Job responsibilities
- Implements distributes ML experimentation and training platform for firm-wide use in accordance with the requirements and design.
- Implements, and supports tools and workflows to facilitate machine learning experiments, automated training runs, and production deployments.
- Extends machine learning libraries and frameworks to support complex requirements.

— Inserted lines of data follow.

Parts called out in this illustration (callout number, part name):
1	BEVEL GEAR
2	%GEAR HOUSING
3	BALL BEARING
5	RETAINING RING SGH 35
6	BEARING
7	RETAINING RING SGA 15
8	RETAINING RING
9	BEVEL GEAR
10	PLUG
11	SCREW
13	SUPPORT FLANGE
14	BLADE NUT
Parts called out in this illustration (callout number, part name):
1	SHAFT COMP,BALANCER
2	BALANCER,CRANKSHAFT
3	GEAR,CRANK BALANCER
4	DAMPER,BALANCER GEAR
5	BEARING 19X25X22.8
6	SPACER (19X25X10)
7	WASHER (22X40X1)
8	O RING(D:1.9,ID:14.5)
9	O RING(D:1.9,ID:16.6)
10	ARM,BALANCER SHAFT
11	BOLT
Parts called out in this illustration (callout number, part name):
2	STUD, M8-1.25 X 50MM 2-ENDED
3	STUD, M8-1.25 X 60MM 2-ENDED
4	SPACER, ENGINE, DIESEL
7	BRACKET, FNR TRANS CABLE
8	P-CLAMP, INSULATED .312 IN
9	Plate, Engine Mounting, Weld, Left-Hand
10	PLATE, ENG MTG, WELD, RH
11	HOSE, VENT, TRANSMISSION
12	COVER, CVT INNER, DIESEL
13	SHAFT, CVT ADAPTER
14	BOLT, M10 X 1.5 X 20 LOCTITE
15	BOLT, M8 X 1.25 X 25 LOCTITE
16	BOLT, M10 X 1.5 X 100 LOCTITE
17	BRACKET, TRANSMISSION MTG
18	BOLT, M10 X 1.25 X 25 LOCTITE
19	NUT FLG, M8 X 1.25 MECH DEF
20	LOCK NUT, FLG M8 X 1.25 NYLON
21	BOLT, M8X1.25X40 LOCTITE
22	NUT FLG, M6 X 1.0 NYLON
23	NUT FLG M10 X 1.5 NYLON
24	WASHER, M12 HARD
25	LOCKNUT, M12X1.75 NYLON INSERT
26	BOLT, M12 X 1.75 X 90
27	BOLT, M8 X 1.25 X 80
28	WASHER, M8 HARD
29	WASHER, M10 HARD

- Delivers thoughtful data scientist experience with APIs and SDKs for the training platform.
- Collaborates with infrastructure engineering, product management, and security and compliance teams to deliver tailored, robust solutions.
Required qualifications, capabilities, and skills
- Formal training or certification on software engineering concepts and 3+ years applied experience
- Knowledge of software development processes in an ML environment.
- Understanding and hands-on experience with public cloud technologies, especially with AWS, in the context of ML engineering workflows, specifically featurization, experimentation, training, and evaluation.
- Programming skills in Python and experience with ML frameworks and libraries such as TensorFlow, PyTorch, Scikit-Learn, JAX, etc.
- Hands-on experience implementing DevOps practices using tools such as Docker, Jenkins, Spinnaker, and Terraform.
- Knowledge of Big Data and related technologies such as Hadoop, Spark, and Airflow.
Preferred qualifications, capabilities, and skills
- Knowledge of SageMaker, EMR, and AWS ML stack.
- Knowledge of Kubernetes ecosystem, including EKS, Helm, and Custom Operators.